# Achat iPhone 11 ou 11 Pro



## Matpolux (29 Mars 2020)

Bonjour à tous, 

Je pense que le sujet est récurrent mais j'ai besoin d'avis car je n'arrive pas du tout à me décider. Cela fait plusieurs jours que j'écume les forums, vidéos de tests, essais en tout genre dans le but de remplacer mon SE par un iPhone 11 ou 11 Pro. SE qui est comme neuf et que j'ai ressorti suite au décès prématuré de mon X (chute de plusieurs mètres -> paix a son âme)
Je ne suis pas un féru de photographie mais j'aime avoir de beaux souvenirs de vacances, de familles, de moments de vie . Par contre je suis un gros fanatique de beau matériel et aussi assez précautionneux ( j'y reviendrai ).
Cet iPhone sera utilisé pour le boulot (appels, mails, plan, sms, calendrier, partage de connexion avec mon MBP 13 et iPad Air pour archipad). A titre perso, consultation du web, mails, sms, réseaux sociaux (très peu) et photographie. Mon choix s'était arrêté sur le pro 64 go vert pour l'écran super rétina, la finition " prémium " et le 3 ème objectif. Après réflexion, je me dis qu'étant précautionneux, il sera habillé par une coque Apple et donc, l'aspect finition acier et verre mat sera complètement masqué. Reste la taille de l'écran, sa qualité ( et encore que.. ) et le 3ème caillou futile ou pas... bref, je n'arrive pas à me décider. 
Reste ensuite l'histoire du stockage ( Gap vers le 256 pour 170 euros ou abonnement iCloud ...??), des nouveaux modèles 5G de fin d'année... Bien que je n'en vois pas l'utilité pour le moment, je m'interroge quand même sur la durée de vie du produit acheté en ce moment.

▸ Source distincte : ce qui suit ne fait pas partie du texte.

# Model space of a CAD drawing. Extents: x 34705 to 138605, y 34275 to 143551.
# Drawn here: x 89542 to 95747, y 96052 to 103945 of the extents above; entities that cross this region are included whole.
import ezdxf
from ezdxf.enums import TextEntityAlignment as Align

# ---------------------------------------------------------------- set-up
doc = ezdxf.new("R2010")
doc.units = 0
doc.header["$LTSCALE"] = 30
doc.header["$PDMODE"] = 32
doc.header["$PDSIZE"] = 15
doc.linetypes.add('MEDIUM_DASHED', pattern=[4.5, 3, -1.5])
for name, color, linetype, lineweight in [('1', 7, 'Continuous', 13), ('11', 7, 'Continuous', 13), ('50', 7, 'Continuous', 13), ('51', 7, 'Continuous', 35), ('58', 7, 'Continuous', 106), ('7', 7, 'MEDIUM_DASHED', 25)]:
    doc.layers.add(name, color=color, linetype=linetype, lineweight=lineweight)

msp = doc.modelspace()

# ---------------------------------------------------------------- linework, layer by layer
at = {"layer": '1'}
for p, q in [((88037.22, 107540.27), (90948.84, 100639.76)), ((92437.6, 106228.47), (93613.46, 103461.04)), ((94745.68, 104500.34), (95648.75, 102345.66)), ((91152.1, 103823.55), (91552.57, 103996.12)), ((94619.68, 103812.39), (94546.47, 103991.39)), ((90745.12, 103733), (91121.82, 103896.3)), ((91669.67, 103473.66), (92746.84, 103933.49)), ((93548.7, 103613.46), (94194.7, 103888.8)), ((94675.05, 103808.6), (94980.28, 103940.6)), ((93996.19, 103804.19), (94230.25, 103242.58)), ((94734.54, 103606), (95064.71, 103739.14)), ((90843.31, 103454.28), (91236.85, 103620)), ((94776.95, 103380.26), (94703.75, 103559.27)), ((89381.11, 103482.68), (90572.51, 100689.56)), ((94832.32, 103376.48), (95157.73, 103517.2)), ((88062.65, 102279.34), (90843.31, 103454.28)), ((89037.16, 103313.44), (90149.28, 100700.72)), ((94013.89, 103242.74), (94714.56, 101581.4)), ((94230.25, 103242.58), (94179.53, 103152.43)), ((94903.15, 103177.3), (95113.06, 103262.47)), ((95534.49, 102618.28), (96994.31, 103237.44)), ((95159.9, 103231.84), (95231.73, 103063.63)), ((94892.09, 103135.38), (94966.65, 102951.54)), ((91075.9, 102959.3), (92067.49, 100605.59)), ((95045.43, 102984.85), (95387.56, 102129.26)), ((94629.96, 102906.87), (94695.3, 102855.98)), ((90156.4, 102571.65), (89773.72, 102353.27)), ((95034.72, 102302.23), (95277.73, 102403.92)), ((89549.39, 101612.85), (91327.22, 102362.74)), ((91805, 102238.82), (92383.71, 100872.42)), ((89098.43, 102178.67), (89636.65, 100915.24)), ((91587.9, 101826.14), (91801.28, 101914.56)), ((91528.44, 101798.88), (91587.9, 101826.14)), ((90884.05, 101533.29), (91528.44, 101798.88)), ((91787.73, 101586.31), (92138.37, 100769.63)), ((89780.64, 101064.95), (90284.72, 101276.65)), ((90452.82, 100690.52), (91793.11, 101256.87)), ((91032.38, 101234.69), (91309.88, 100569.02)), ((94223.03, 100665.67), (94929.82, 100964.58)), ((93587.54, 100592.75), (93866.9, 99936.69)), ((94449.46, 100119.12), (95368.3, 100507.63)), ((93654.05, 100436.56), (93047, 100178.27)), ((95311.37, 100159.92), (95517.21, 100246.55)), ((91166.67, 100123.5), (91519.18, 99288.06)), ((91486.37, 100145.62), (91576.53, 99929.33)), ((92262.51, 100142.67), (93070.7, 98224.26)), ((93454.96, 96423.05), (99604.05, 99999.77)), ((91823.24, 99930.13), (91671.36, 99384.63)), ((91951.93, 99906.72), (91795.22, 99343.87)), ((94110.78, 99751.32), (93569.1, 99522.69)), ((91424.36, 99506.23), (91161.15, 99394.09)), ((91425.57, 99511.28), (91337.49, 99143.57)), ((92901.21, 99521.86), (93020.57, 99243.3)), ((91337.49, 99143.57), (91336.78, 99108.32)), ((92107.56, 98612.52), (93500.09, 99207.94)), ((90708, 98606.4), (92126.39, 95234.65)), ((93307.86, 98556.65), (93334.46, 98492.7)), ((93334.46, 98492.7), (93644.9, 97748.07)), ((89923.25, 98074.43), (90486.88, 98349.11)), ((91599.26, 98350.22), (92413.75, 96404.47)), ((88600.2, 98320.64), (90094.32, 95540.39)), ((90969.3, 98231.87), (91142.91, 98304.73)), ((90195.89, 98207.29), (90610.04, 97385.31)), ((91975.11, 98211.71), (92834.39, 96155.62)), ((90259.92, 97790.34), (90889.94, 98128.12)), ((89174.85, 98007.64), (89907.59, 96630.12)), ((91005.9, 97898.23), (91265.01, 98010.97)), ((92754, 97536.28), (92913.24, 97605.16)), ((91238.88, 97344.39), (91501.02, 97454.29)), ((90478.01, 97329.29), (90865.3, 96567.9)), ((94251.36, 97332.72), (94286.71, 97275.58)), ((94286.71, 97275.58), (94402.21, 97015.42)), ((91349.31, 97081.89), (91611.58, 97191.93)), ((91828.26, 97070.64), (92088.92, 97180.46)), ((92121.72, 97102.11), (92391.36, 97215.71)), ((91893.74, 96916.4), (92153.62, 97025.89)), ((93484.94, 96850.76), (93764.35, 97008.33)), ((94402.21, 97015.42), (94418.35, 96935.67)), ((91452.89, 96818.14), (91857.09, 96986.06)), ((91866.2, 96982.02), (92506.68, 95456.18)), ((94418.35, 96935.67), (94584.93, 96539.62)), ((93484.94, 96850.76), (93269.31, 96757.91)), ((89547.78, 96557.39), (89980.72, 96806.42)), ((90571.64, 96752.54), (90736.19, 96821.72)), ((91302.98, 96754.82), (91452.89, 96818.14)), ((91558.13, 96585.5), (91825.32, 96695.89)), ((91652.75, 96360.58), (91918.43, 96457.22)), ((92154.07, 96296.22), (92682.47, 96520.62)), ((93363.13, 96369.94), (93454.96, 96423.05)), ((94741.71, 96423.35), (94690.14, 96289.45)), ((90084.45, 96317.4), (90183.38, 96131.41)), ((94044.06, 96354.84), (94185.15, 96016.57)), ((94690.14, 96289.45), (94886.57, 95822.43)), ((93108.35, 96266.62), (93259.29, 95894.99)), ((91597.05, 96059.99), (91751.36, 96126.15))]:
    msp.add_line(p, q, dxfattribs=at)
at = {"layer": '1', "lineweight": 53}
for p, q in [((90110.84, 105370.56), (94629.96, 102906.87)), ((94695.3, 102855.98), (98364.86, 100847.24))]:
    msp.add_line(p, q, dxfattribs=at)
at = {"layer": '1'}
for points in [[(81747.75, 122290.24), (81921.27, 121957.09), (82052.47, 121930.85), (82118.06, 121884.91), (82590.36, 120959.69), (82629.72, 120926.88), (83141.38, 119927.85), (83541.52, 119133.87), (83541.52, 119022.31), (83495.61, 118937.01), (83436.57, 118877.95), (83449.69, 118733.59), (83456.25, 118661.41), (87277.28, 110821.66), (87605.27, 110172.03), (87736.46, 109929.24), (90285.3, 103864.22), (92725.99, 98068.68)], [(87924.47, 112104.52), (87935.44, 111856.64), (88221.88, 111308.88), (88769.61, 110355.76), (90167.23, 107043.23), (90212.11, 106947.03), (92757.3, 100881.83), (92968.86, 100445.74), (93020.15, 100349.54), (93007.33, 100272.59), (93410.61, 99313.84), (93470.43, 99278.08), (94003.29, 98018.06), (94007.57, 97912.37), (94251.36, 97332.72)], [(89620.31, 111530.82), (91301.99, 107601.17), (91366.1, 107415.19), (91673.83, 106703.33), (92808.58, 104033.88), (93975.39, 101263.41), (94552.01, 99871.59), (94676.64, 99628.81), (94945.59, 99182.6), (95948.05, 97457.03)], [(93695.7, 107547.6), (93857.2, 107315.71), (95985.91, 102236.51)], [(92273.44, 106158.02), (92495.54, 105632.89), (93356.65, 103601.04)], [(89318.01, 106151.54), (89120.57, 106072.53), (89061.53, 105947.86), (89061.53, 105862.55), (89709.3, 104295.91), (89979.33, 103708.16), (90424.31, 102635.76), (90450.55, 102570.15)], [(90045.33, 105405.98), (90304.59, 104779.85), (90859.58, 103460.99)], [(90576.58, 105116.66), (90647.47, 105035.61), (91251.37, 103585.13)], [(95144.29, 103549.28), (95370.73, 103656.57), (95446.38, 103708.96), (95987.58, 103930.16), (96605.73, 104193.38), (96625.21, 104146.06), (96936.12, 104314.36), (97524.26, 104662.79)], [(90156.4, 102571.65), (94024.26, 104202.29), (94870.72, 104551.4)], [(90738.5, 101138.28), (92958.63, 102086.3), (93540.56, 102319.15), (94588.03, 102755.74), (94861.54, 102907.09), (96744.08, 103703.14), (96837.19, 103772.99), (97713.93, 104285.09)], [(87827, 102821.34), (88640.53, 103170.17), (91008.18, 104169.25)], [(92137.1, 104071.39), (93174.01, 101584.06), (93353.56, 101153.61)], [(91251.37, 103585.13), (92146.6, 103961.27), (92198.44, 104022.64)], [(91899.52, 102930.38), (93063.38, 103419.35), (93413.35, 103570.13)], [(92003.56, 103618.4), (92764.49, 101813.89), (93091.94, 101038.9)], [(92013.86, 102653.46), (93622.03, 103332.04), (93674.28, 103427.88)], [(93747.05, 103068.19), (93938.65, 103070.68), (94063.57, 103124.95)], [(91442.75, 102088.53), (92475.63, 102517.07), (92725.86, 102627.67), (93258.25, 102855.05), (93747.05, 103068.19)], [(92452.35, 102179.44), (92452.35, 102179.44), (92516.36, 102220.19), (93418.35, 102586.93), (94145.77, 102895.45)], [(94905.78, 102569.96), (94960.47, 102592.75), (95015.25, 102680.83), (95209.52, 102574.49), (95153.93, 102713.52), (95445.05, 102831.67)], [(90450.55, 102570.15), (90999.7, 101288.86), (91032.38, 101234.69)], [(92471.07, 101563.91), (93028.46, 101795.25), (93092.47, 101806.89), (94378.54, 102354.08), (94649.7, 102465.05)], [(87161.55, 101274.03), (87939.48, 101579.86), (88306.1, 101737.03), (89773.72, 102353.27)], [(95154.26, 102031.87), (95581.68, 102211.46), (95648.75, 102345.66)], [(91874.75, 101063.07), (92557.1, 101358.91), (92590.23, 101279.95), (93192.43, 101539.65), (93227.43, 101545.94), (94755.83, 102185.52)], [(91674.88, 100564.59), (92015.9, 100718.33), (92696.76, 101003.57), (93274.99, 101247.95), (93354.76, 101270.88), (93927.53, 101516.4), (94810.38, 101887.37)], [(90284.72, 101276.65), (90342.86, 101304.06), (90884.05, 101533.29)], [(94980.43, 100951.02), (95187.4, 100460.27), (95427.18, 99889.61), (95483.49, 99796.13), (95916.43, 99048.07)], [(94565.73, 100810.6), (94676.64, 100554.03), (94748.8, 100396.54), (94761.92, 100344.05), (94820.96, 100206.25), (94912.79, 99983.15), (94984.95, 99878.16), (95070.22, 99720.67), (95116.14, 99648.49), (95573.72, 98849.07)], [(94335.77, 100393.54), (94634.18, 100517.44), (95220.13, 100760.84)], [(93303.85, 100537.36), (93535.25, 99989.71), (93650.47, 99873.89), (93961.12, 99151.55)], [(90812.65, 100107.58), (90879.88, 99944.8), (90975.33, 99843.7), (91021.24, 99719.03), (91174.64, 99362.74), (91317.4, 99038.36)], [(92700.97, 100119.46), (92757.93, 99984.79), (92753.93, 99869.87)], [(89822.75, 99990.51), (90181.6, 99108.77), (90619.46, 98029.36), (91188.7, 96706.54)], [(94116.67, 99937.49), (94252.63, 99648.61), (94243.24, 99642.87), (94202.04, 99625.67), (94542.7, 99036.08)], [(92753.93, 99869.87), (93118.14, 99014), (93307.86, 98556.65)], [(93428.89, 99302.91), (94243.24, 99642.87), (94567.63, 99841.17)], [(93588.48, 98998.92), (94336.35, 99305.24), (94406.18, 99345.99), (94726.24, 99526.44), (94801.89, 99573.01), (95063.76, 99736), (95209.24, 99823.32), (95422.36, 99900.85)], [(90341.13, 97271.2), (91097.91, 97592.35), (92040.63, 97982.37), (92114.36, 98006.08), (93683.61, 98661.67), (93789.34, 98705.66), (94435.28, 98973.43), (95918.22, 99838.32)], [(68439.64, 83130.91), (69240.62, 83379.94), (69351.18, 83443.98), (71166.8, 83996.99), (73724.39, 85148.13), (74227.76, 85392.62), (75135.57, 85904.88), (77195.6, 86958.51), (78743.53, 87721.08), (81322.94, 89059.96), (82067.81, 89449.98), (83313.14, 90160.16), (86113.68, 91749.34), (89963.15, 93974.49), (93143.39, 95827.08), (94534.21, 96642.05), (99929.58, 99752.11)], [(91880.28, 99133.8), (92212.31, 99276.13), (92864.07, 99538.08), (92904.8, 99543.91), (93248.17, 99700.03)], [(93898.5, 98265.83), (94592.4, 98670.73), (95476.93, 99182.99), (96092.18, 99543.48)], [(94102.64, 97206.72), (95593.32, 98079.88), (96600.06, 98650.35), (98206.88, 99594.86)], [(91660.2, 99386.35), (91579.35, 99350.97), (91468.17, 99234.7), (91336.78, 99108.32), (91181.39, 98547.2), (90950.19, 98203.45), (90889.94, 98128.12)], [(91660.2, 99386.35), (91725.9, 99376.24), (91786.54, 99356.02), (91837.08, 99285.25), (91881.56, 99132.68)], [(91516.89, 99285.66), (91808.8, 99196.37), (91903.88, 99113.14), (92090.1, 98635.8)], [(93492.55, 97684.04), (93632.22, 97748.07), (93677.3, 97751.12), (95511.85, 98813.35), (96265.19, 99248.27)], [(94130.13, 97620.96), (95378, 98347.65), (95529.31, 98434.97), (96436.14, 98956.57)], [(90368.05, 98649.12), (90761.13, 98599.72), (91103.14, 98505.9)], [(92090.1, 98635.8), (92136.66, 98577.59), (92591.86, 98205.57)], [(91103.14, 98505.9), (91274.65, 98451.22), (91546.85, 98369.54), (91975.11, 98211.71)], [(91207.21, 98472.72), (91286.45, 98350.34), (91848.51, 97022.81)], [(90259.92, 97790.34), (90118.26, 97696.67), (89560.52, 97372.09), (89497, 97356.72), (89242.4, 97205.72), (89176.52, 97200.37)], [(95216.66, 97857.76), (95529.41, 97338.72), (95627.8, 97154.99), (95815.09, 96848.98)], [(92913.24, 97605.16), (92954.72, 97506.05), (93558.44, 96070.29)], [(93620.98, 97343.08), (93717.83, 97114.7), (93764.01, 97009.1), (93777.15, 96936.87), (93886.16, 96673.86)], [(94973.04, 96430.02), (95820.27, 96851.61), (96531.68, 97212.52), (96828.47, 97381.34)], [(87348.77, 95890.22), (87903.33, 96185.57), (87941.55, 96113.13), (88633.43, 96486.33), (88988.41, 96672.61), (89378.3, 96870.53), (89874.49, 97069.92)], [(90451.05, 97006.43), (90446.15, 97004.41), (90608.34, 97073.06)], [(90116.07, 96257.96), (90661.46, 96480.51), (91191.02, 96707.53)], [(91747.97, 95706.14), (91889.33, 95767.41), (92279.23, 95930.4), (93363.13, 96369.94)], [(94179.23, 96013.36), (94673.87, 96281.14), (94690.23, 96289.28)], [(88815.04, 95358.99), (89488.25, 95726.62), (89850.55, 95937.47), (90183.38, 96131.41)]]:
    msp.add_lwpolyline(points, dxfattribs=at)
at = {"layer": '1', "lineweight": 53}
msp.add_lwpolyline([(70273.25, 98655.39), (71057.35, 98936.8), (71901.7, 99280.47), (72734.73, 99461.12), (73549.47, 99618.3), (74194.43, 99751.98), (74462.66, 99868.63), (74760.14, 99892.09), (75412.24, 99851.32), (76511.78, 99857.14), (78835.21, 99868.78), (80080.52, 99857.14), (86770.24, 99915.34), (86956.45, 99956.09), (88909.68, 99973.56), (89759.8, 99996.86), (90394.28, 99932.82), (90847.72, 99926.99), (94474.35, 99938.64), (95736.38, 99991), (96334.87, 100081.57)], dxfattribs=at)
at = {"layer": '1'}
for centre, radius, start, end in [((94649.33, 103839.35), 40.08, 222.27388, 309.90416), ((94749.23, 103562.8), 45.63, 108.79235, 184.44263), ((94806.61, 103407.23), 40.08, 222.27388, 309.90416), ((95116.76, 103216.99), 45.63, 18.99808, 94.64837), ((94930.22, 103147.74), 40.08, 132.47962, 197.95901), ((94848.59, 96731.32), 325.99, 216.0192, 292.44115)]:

Vos avis sont les bienvenus


----------



## Gwen (29 Mars 2020)

Achète maintenant, il y aura toujours un nouvel iPhone, mais avec les derniers événements, cela semble être pour plus tard que les autres années.

Ensuite, pour le choix. J'ai personnellement un 11Pro avec donc les trois objectifs. J'en suis très content, mais je l'ai pris pour… la couleur verte !

Au début, j'avais mis une coque transparente englobante et cela rendait le vert très profond, pour ne pas dire noir. Du coup, j'ai un Bumper aujourd'hui. Si ce vert que j'adore avait été disponible avec le 11,  je n'aurais pas pris la version pro. 

Ensuite, la qualité de photo sera identique entre les deux modèles, le seul avantage sera d'avoir un téléobjectif. Un zoom pour parler plus trivialement. Et franchement, ça change beaucoup de choses. Au départ, je n'étais pas convaincu, mais, prenant beaucoup de photos avec mon iPhone, c'est un ajout agréable chaque jour.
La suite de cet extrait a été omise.